• [TASK STATEMENT]: Print the lines below word for word, beginning with the first and ending with the line that holds "from components import", and skip every picture.

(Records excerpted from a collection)
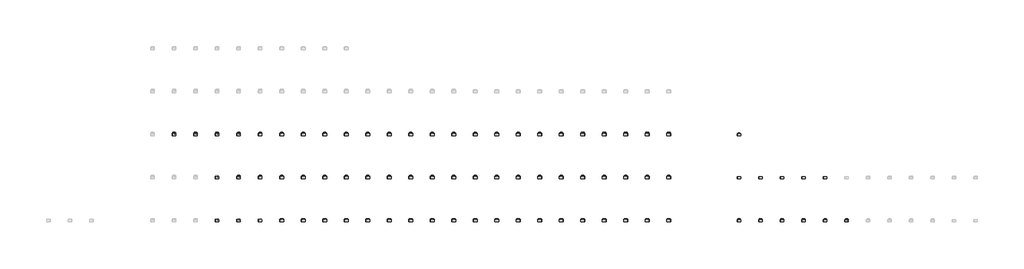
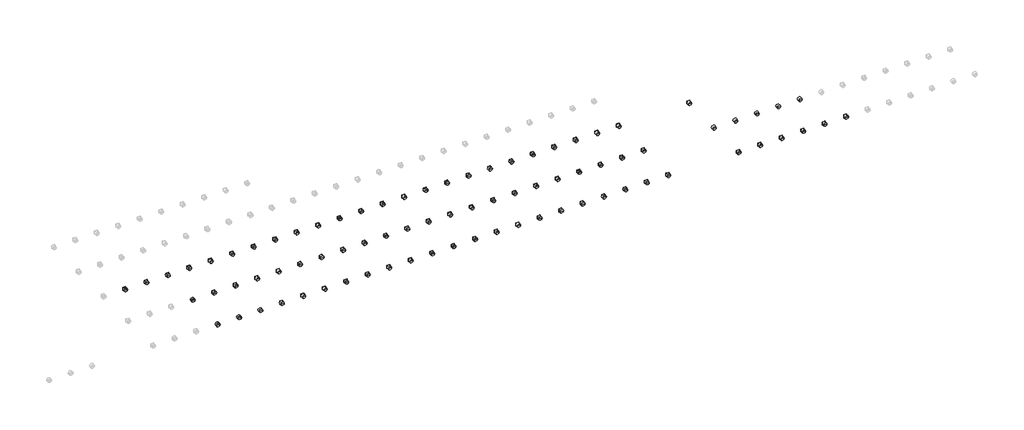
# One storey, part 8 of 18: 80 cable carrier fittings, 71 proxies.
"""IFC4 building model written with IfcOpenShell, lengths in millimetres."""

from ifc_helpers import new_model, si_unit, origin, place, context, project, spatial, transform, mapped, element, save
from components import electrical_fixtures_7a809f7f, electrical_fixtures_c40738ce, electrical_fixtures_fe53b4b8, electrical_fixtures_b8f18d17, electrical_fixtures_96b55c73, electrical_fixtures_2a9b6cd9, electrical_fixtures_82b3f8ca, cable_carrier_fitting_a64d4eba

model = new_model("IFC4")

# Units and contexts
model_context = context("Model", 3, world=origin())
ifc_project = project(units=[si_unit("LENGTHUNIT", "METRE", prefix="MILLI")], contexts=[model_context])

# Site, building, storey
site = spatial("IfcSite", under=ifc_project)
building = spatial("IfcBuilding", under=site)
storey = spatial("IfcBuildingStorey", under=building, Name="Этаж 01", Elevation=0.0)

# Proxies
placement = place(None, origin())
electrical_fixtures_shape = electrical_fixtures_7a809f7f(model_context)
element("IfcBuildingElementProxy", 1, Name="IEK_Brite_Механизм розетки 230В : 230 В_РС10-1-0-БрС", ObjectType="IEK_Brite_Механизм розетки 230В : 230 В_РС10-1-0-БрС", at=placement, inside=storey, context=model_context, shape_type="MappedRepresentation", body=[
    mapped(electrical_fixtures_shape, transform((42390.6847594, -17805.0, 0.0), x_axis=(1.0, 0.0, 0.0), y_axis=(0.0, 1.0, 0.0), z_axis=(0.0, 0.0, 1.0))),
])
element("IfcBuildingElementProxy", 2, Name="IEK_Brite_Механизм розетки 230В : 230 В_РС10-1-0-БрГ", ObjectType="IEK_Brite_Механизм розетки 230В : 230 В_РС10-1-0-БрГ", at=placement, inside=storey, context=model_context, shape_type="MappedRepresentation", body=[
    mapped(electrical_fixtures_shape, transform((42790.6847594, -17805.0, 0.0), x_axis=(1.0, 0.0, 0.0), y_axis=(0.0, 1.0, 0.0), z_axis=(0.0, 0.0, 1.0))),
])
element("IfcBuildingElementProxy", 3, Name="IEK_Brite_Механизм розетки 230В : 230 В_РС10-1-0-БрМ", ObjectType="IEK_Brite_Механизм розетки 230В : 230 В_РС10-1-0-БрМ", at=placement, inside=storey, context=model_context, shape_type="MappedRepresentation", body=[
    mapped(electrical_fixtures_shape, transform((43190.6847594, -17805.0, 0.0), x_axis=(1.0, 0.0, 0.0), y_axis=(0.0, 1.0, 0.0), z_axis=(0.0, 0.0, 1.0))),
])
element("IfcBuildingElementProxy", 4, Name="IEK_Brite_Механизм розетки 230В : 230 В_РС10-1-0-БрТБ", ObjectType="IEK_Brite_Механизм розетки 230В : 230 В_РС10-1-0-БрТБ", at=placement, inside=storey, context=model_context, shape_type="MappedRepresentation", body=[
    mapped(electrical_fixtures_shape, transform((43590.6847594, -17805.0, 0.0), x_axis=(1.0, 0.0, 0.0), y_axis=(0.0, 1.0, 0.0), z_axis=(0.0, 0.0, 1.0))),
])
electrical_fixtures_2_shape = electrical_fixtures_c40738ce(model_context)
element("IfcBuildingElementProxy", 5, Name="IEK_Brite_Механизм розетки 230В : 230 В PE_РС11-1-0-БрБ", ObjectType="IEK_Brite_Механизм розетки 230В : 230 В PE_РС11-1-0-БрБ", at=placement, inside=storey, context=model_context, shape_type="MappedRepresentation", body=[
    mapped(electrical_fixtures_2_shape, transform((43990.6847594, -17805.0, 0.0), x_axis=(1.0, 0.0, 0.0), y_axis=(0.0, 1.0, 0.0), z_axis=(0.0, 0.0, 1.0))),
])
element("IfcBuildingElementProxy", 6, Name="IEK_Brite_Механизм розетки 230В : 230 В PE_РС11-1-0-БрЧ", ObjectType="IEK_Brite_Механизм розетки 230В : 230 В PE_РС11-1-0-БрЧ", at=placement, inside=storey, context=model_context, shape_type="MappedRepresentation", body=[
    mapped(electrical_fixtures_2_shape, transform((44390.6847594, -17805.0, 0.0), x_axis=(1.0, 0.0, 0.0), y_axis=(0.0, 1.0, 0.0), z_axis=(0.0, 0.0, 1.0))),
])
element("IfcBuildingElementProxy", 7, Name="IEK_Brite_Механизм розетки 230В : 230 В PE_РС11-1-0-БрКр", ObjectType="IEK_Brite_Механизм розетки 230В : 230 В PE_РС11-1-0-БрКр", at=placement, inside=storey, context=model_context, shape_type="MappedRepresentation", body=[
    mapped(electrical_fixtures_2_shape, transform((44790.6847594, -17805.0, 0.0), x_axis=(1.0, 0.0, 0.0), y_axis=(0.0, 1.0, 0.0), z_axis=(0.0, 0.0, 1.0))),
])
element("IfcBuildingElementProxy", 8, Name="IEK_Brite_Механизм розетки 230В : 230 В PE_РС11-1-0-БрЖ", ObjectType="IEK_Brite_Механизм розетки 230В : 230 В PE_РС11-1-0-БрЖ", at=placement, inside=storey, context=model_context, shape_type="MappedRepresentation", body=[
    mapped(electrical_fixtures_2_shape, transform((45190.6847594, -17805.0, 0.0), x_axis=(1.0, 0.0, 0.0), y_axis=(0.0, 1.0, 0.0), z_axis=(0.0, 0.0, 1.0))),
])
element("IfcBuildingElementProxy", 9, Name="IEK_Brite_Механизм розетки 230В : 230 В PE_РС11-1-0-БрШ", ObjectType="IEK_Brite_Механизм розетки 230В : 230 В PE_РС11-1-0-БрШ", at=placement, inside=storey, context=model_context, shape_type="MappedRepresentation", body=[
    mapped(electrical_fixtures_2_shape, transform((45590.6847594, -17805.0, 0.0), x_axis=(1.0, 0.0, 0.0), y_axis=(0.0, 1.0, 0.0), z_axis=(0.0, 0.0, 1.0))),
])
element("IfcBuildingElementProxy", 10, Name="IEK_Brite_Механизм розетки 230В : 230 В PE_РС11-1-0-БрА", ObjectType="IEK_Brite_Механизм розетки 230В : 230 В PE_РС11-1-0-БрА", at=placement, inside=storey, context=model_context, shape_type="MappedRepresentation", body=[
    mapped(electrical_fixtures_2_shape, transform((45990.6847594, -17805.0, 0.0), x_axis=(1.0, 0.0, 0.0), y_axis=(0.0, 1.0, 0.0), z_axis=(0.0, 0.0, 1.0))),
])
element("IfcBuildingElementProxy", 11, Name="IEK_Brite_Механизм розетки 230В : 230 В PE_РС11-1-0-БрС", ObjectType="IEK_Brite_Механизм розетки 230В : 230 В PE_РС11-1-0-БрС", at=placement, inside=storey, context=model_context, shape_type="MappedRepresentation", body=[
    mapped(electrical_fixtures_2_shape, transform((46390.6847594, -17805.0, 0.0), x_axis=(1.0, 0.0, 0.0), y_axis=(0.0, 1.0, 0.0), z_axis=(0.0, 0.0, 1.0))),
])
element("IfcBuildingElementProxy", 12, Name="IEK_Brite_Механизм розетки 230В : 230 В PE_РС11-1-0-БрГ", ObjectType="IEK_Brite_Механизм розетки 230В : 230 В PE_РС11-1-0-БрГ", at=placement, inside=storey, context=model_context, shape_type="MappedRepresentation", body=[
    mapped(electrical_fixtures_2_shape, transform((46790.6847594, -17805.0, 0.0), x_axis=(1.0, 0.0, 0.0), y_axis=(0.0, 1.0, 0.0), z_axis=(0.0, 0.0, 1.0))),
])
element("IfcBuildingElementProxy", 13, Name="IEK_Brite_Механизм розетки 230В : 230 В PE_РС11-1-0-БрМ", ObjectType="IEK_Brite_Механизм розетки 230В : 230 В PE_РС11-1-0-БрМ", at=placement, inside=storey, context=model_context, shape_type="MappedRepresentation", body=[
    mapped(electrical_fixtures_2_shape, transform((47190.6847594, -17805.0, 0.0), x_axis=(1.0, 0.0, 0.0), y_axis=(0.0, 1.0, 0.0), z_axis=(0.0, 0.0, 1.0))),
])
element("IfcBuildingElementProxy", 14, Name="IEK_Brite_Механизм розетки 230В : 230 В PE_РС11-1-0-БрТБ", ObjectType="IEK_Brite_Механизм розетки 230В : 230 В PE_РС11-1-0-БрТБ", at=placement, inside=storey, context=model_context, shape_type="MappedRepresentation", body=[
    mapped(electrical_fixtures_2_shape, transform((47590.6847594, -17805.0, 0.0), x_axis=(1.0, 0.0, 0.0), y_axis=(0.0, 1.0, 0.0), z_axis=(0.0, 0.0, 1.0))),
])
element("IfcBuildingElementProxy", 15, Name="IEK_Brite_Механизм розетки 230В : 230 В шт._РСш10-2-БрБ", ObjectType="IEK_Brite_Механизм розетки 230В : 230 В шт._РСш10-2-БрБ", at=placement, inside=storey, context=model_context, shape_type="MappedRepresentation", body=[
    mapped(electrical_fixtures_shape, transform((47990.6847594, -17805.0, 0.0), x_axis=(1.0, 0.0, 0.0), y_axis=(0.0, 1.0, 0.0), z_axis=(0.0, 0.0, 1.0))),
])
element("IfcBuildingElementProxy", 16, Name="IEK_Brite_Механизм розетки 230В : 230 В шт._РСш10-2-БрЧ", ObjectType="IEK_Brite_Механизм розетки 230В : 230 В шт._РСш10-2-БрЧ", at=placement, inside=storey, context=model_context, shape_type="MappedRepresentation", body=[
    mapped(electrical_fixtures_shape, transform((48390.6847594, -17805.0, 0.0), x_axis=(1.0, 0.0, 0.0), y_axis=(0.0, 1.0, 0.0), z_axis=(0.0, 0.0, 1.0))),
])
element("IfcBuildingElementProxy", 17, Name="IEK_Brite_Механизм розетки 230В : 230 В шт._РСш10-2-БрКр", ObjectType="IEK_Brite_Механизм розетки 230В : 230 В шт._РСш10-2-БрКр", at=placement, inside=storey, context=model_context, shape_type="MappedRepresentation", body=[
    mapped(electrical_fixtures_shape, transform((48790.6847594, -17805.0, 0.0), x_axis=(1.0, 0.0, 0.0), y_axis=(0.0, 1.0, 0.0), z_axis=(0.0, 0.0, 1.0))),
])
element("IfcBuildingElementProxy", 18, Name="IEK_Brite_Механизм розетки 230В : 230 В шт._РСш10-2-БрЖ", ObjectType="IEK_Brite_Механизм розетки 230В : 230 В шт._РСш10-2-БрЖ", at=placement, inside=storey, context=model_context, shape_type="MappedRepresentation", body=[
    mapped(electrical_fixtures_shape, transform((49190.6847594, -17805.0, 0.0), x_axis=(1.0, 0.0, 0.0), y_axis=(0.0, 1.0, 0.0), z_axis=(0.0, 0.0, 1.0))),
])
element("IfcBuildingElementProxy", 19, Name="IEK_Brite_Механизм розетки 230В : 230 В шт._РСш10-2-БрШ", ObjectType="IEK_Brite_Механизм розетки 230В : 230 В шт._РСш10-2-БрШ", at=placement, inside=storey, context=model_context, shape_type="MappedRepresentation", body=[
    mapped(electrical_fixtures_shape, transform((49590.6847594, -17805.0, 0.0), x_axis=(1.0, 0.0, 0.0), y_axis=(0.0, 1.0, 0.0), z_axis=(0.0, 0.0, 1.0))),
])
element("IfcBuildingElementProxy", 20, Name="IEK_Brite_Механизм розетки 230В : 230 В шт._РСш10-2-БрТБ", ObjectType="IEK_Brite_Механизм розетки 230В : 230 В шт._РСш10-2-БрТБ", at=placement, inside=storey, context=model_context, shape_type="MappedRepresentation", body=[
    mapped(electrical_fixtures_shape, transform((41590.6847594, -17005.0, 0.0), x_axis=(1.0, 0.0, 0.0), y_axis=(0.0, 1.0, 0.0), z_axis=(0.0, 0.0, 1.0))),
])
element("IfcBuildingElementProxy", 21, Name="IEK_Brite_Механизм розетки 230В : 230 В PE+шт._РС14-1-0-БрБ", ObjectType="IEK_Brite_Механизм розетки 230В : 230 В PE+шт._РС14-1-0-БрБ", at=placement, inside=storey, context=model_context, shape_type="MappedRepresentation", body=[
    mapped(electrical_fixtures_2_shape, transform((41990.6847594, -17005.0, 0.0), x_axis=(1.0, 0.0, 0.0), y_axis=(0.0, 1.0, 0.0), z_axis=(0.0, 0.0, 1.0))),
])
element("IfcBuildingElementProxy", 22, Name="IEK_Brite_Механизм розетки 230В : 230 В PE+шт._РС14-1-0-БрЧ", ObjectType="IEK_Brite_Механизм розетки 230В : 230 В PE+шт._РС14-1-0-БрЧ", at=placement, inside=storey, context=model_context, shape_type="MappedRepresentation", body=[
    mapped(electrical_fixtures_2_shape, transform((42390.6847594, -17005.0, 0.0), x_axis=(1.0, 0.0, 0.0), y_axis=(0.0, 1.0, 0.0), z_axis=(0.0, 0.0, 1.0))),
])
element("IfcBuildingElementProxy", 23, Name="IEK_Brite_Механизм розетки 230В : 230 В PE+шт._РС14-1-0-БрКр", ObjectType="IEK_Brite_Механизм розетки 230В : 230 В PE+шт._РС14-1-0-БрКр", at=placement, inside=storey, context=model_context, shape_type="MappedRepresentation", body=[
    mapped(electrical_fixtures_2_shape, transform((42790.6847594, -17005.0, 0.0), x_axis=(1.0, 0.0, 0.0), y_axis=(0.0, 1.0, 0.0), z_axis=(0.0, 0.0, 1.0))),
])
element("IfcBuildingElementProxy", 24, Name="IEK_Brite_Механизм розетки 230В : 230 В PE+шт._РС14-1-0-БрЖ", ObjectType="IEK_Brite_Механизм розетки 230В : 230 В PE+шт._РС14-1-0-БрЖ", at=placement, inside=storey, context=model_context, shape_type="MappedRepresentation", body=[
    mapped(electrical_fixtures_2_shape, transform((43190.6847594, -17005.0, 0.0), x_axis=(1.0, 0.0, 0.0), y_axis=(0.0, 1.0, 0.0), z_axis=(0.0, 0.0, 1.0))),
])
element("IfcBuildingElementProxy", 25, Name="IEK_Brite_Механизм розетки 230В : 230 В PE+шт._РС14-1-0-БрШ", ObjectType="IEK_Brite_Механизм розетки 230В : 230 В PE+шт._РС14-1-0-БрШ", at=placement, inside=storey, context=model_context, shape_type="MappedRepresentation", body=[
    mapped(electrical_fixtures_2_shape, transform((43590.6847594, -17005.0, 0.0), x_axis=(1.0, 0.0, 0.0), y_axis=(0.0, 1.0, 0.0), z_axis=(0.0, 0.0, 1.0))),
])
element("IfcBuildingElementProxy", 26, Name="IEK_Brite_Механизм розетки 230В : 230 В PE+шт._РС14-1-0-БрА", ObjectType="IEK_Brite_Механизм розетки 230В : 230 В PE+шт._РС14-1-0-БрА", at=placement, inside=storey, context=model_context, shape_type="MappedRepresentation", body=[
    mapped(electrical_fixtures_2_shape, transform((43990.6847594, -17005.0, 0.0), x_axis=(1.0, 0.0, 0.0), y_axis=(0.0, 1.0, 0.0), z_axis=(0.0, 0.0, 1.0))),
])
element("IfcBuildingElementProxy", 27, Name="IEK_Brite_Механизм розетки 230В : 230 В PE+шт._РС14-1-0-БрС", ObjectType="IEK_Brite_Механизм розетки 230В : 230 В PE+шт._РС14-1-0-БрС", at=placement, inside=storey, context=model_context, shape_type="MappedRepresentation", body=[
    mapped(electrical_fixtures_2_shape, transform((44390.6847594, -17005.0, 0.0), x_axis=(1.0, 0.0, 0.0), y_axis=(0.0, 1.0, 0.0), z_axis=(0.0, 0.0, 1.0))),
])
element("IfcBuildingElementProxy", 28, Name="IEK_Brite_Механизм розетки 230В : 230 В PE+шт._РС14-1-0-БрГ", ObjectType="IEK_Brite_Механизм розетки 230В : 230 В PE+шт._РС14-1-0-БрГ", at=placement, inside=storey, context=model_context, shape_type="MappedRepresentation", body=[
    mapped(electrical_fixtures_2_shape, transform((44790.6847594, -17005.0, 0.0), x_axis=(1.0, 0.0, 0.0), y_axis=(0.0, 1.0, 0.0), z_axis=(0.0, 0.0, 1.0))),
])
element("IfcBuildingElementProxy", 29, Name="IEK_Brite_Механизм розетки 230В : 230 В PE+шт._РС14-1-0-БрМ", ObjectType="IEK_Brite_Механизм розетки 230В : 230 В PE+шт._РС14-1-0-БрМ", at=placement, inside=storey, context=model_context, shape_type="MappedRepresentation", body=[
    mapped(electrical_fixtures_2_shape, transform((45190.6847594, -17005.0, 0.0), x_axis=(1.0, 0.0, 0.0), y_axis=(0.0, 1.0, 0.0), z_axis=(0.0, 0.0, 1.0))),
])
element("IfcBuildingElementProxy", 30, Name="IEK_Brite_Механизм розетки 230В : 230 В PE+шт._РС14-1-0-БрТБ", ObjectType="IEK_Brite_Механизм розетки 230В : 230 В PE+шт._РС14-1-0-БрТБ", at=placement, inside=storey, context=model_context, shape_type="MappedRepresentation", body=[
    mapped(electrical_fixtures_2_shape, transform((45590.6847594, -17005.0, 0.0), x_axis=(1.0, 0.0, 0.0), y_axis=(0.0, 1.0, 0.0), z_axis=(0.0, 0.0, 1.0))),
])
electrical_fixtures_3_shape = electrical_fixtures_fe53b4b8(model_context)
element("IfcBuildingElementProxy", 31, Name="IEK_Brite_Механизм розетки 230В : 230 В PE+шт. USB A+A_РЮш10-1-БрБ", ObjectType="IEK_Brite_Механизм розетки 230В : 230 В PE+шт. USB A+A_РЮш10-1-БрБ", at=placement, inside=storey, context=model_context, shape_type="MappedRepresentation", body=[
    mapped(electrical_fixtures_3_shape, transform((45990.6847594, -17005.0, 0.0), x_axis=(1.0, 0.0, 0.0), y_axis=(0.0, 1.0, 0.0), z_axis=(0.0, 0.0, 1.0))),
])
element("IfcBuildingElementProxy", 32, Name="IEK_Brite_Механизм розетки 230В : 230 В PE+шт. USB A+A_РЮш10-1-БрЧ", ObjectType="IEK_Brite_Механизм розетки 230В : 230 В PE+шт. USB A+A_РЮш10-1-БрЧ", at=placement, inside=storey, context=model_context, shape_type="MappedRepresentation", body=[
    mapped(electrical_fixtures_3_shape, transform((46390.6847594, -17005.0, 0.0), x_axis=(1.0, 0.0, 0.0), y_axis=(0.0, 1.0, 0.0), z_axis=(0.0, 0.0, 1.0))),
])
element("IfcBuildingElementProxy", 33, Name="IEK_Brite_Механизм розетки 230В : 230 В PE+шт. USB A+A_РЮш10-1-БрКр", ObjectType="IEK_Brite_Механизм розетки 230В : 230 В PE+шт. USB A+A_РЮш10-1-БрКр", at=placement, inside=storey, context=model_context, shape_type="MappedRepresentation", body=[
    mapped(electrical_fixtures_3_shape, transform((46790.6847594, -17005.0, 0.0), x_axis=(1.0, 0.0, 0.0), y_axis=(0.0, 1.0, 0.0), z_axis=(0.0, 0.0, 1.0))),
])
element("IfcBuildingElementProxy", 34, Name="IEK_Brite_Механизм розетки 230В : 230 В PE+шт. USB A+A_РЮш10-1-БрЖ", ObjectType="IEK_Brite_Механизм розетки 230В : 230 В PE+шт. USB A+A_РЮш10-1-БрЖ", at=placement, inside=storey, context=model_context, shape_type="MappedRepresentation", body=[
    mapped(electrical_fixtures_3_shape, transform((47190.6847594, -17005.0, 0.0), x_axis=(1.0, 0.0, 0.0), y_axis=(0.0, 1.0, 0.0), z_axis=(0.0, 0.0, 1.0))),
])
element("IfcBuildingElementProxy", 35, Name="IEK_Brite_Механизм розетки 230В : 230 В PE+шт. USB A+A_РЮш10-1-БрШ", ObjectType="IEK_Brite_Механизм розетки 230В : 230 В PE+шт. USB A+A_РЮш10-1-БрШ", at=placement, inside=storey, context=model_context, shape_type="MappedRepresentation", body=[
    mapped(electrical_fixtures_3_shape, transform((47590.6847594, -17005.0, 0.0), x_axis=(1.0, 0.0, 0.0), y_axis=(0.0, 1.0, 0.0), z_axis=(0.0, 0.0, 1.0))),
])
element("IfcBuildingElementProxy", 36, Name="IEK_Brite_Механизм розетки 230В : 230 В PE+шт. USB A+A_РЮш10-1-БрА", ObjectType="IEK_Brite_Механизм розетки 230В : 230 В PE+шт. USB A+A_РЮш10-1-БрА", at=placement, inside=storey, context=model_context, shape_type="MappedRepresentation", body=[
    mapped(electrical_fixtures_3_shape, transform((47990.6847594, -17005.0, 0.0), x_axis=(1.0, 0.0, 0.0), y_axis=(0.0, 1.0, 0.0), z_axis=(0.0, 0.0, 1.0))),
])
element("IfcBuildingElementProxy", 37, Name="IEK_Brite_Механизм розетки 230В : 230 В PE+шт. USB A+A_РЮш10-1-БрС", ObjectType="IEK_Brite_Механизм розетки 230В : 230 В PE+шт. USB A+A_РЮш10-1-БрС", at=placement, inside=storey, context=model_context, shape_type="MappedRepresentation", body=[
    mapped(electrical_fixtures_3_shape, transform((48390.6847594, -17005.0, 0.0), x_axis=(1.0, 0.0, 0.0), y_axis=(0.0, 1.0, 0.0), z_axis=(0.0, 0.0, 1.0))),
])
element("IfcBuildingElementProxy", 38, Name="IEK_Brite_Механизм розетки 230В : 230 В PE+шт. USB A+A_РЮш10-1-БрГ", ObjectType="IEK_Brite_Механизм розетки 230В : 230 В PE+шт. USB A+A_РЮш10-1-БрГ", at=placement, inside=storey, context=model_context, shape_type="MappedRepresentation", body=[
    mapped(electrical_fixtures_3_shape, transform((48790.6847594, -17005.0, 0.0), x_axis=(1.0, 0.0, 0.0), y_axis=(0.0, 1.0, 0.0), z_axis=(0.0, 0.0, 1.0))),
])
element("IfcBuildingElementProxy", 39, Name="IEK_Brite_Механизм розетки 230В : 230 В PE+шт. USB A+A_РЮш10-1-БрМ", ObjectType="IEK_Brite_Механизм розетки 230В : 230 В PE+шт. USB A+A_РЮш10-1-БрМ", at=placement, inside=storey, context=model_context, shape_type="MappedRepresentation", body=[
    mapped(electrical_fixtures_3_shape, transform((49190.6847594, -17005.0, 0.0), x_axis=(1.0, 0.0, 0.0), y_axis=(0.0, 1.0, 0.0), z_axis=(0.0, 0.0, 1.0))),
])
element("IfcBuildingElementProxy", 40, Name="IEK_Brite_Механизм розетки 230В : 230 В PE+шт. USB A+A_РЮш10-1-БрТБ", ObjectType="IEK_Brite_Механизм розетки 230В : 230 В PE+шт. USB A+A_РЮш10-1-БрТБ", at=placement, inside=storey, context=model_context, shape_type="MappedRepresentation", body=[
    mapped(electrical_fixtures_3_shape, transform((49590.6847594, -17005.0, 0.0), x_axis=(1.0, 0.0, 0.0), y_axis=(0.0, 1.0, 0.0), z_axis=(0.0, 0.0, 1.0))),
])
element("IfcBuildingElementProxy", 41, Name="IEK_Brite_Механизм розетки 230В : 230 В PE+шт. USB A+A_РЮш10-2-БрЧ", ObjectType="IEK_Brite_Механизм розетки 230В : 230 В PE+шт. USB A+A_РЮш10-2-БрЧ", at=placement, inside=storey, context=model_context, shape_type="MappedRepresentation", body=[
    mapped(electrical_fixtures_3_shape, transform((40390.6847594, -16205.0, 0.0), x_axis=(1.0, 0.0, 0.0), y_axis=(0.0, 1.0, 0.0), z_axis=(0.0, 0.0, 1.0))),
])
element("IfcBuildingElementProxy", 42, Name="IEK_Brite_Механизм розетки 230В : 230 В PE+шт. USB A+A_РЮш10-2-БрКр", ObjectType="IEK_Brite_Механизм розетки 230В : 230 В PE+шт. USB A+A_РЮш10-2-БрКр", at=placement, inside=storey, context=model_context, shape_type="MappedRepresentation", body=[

• [TASK SOLUTION]:
# One storey, part 8 of 18: 80 cable carrier fittings, 71 proxies.
"""IFC4 building model written with IfcOpenShell, lengths in millimetres."""

from ifc_helpers import new_model, si_unit, origin, place, context, project, spatial, transform, mapped, element, save
from components import electrical_fixtures_7a809f7f, electrical_fixtures_c40738ce, electrical_fixtures_fe53b4b8, electrical_fixtures_b8f18d17, electrical_fixtures_96b55c73, electrical_fixtures_2a9b6cd9, electrical_fixtures_82b3f8ca, cable_carrier_fitting_a64d4eba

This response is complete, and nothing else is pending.